* [Task directions]: Output the entries as they appear, skipping images.

* [Supplied entries]:
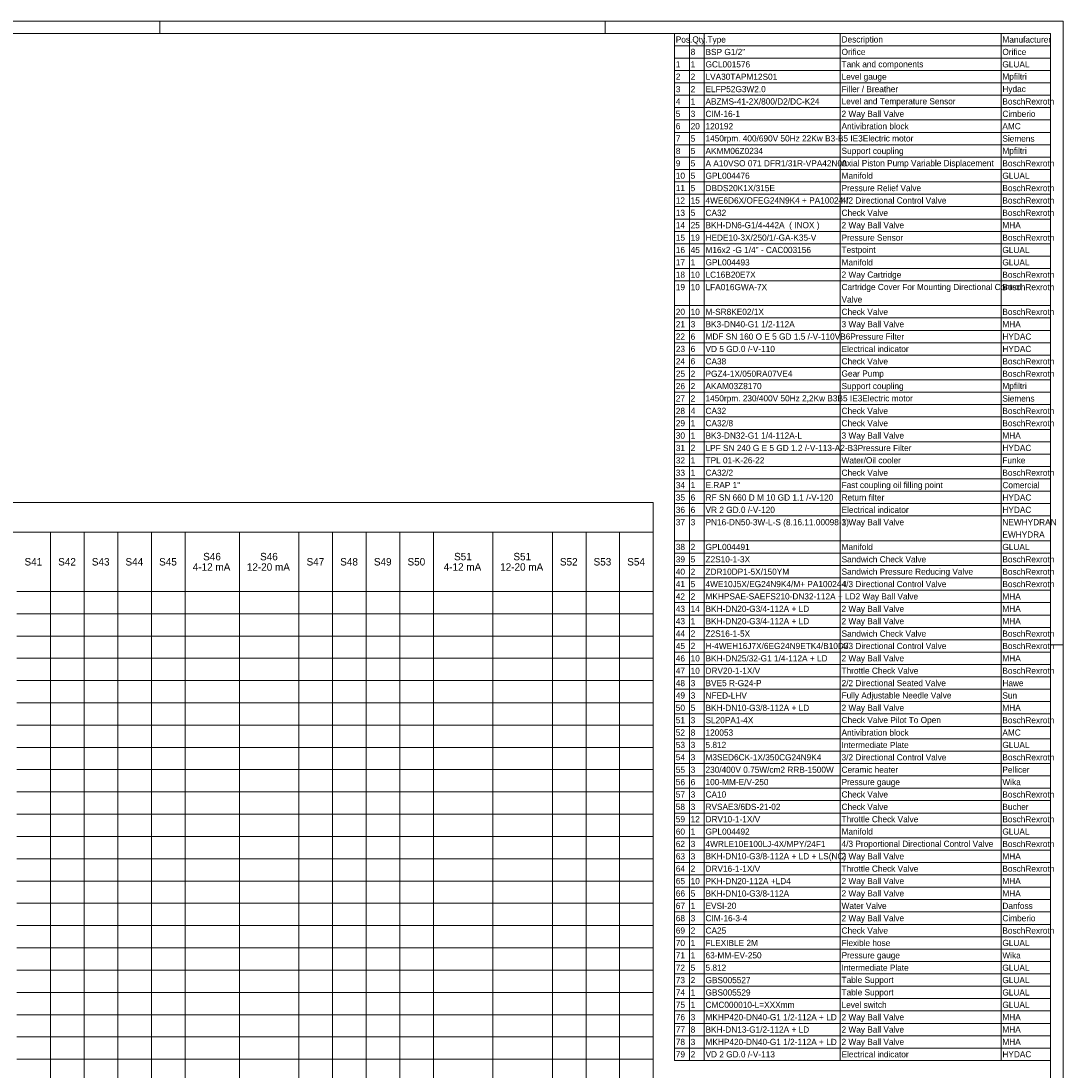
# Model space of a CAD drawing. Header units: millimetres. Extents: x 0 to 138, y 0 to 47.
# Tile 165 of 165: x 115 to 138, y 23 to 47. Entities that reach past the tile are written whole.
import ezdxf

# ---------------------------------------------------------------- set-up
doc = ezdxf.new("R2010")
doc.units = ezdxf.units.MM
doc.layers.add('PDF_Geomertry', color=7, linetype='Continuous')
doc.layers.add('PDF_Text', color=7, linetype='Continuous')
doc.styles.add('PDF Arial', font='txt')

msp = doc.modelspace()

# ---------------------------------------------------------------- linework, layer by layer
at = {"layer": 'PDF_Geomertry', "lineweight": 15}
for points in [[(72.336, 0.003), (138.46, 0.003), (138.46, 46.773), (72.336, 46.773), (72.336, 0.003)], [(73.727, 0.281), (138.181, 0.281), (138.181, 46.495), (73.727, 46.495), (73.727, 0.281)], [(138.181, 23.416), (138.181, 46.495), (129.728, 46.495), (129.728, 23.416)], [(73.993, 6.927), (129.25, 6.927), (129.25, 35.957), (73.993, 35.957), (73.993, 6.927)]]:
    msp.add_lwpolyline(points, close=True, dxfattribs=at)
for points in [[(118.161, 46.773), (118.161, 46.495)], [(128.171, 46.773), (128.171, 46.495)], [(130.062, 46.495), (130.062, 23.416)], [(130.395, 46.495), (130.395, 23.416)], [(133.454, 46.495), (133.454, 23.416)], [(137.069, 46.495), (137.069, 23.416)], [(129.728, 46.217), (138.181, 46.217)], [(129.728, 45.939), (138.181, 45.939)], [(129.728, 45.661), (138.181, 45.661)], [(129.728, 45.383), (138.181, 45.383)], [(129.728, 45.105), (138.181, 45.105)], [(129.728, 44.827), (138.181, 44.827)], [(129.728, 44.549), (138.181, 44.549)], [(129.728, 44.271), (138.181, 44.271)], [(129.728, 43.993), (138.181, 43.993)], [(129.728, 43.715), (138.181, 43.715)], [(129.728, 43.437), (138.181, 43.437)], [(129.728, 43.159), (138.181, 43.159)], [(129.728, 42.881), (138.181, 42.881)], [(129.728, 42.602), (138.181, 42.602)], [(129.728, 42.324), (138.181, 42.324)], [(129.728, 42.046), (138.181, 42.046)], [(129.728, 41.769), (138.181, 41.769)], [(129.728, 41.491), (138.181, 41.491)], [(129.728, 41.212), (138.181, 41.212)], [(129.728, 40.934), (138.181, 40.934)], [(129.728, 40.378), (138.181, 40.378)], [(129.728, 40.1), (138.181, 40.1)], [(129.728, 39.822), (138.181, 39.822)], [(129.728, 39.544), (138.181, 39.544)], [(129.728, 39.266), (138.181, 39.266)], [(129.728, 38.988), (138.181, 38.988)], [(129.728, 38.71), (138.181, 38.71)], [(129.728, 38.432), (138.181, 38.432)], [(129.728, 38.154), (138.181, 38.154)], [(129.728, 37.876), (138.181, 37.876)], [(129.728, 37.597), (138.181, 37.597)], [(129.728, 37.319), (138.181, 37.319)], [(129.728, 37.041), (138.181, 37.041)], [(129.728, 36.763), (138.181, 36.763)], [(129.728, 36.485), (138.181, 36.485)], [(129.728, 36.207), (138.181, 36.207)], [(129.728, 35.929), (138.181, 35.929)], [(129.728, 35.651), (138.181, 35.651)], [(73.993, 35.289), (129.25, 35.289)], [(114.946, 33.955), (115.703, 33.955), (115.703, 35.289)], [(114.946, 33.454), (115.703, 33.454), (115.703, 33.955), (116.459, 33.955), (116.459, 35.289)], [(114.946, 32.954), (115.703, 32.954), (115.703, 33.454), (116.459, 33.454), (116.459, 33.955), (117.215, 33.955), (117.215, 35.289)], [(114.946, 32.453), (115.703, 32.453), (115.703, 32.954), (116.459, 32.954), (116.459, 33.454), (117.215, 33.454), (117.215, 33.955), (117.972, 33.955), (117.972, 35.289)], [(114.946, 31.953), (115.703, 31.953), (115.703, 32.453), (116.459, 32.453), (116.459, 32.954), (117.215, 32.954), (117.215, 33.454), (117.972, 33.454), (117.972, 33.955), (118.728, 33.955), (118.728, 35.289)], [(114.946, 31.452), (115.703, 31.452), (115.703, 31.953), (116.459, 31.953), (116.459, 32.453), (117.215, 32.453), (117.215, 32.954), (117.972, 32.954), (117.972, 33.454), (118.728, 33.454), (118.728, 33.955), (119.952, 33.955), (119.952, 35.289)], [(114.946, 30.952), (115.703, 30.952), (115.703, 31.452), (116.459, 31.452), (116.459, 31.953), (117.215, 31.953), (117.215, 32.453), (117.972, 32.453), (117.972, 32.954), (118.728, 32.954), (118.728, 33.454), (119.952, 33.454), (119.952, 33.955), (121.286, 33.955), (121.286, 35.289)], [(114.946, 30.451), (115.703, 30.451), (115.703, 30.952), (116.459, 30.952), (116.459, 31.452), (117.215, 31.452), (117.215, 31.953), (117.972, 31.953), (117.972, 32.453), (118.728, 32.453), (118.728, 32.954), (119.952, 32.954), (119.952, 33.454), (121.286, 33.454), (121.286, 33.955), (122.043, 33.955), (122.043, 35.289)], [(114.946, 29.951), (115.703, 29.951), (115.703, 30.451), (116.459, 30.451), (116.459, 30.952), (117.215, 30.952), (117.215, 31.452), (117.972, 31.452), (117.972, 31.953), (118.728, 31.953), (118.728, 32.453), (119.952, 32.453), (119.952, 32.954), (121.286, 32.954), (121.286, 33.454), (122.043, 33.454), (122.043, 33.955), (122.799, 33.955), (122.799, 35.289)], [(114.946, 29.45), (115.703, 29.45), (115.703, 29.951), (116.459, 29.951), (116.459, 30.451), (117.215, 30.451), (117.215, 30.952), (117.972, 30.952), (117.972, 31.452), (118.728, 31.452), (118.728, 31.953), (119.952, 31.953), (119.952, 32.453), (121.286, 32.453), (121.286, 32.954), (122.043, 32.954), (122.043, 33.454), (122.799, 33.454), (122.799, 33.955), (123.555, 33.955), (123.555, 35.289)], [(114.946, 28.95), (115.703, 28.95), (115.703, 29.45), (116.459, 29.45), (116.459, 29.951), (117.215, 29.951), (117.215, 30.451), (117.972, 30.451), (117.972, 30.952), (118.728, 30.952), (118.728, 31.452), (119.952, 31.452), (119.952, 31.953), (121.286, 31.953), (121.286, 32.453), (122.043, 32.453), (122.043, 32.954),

* [Task answer]:
# Model space of a CAD drawing. Header units: millimetres. Extents: x 0 to 138, y 0 to 47.
# Tile 165 of 165: x 115 to 138, y 23 to 47. Entities that reach past the tile are written whole.
import ezdxf

# ---------------------------------------------------------------- set-up
doc = ezdxf.new("R2010")
doc.units = ezdxf.units.MM
doc.layers.add('PDF_Geomertry', color=7, linetype='Continuous')
doc.layers.add('PDF_Text', color=7, linetype='Continuous')
doc.styles.add('PDF Arial', font='txt')

msp = doc.modelspace()

# ---------------------------------------------------------------- linework, layer by layer
at = {"layer": 'PDF_Geomertry', "lineweight": 15}
for points in [[(72.336, 0.003), (138.46, 0.003), (138.46, 46.773), (72.336, 46.773), (72.336, 0.003)], [(73.727, 0.281), (138.181, 0.281), (138.181, 46.495), (73.727, 46.495), (73.727, 0.281)], [(138.181, 23.416), (138.181, 46.495), (129.728, 46.495), (129.728, 23.416)], [(73.993, 6.927), (129.25, 6.927), (129.25, 35.957), (73.993, 35.957), (73.993, 6.927)]]:
    msp.add_lwpolyline(points, close=True, dxfattribs=at)
for points in [[(118.161, 46.773), (118.161, 46.495)], [(128.171, 46.773), (128.171, 46.495)], [(130.062, 46.495), (130.062, 23.416)], [(130.395, 46.495), (130.395, 23.416)], [(133.454, 46.495), (133.454, 23.416)], [(137.069, 46.495), (137.069, 23.416)], [(129.728, 46.217), (138.181, 46.217)], [(129.728, 45.939), (138.181, 45.939)], [(129.728, 45.661), (138.181, 45.661)], [(129.728, 45.383), (138.181, 45.383)], [(129.728, 45.105), (138.181, 45.105)], [(129.728, 44.827), (138.181, 44.827)], [(129.728, 44.549), (138.181, 44.549)], [(129.728, 44.271), (138.181, 44.271)], [(129.728, 43.993), (138.181, 43.993)], [(129.728, 43.715), (138.181, 43.715)], [(129.728, 43.437), (138.181, 43.437)], [(129.728, 43.159), (138.181, 43.159)], [(129.728, 42.881), (138.181, 42.881)], [(129.728, 42.602), (138.181, 42.602)], [(129.728, 42.324), (138.181, 42.324)], [(129.728, 42.046), (138.181, 42.046)], [(129.728, 41.769), (138.181, 41.769)], [(129.728, 41.491), (138.181, 41.491)], [(129.728, 41.212), (138.181, 41.212)], [(129.728, 40.934), (138.181, 40.934)], [(129.728, 40.378), (138.181, 40.378)], [(129.728, 40.1), (138.181, 40.1)], [(129.728, 39.822), (138.181, 39.822)], [(129.728, 39.544), (138.181, 39.544)], [(129.728, 39.266), (138.181, 39.266)], [(129.728, 38.988), (138.181, 38.988)], [(129.728, 38.71), (138.181, 38.71)], [(129.728, 38.432), (138.181, 38.432)], [(129.728, 38.154), (138.181, 38.154)], [(129.728, 37.876), (138.181, 37.876)], [(129.728, 37.597), (138.181, 37.597)], [(129.728, 37.319), (138.181, 37.319)], [(129.728, 37.041), (138.181, 37.041)], [(129.728, 36.763), (138.181, 36.763)], [(129.728, 36.485), (138.181, 36.485)], [(129.728, 36.207), (138.181, 36.207)], [(129.728, 35.929), (138.181, 35.929)], [(129.728, 35.651), (138.181, 35.651)], [(73.993, 35.289), (129.25, 35.289)], [(114.946, 33.955), (115.703, 33.955), (115.703, 35.289)], [(114.946, 33.454), (115.703, 33.454), (115.703, 33.955), (116.459, 33.955), (116.459, 35.289)], [(114.946, 32.954), (115.703, 32.954), (115.703, 33.454), (116.459, 33.454), (116.459, 33.955), (117.215, 33.955), (117.215, 35.289)], [(114.946, 32.453), (115.703, 32.453), (115.703, 32.954), (116.459, 32.954), (116.459, 33.454), (117.215, 33.454), (117.215, 33.955), (117.972, 33.955), (117.972, 35.289)], [(114.946, 31.953), (115.703, 31.953), (115.703, 32.453), (116.459, 32.453), (116.459, 32.954), (117.215, 32.954), (117.215, 33.454), (117.972, 33.454), (117.972, 33.955), (118.728, 33.955), (118.728, 35.289)], [(114.946, 31.452), (115.703, 31.452), (115.703, 31.953), (116.459, 31.953), (116.459, 32.453), (117.215, 32.453), (117.215, 32.954), (117.972, 32.954), (117.972, 33.454), (118.728, 33.454), (118.728, 33.955), (119.952, 33.955), (119.952, 35.289)], [(114.946, 30.952), (115.703, 30.952), (115.703, 31.452), (116.459, 31.452), (116.459, 31.953), (117.215, 31.953), (117.215, 32.453), (117.972, 32.453), (117.972, 32.954), (118.728, 32.954), (118.728, 33.454), (119.952, 33.454), (119.952, 33.955), (121.286, 33.955), (121.286, 35.289)], [(114.946, 30.451), (115.703, 30.451), (115.703, 30.952), (116.459, 30.952), (116.459, 31.452), (117.215, 31.452), (117.215, 31.953), (117.972, 31.953), (117.972, 32.453), (118.728, 32.453), (118.728, 32.954), (119.952, 32.954), (119.952, 33.454), (121.286, 33.454), (121.286, 33.955), (122.043, 33.955), (122.043, 35.289)], [(114.946, 29.951), (115.703, 29.951), (115.703, 30.451), (116.459, 30.451), (116.459, 30.952), (117.215, 30.952), (117.215, 31.452), (117.972, 31.452), (117.972, 31.953), (118.728, 31.953), (118.728, 32.453), (119.952, 32.453), (119.952, 32.954), (121.286, 32.954), (121.286, 33.454), (122.043, 33.454), (122.043, 33.955), (122.799, 33.955), (122.799, 35.289)], [(114.946, 29.45), (115.703, 29.45), (115.703, 29.951), (116.459, 29.951), (116.459, 30.451), (117.215, 30.451), (117.215, 30.952), (117.972, 30.952), (117.972, 31.452), (118.728, 31.452), (118.728, 31.953), (119.952, 31.953), (119.952, 32.453), (121.286, 32.453), (121.286, 32.954), (122.043, 32.954), (122.043, 33.454), (122.799, 33.454), (122.799, 33.955), (123.555, 33.955), (123.555, 35.289)], [(114.946, 28.95), (115.703, 28.95), (115.703, 29.45), (116.459, 29.45), (116.459, 29.951), (117.215, 29.951), (117.215, 30.451), (117.972, 30.451), (117.972, 30.952), (118.728, 30.952), (118.728, 31.452), (119.952, 31.452), (119.952, 31.953), (121.286, 31.953), (121.286, 32.453), (122.043, 32.453), (122.043, 32.954),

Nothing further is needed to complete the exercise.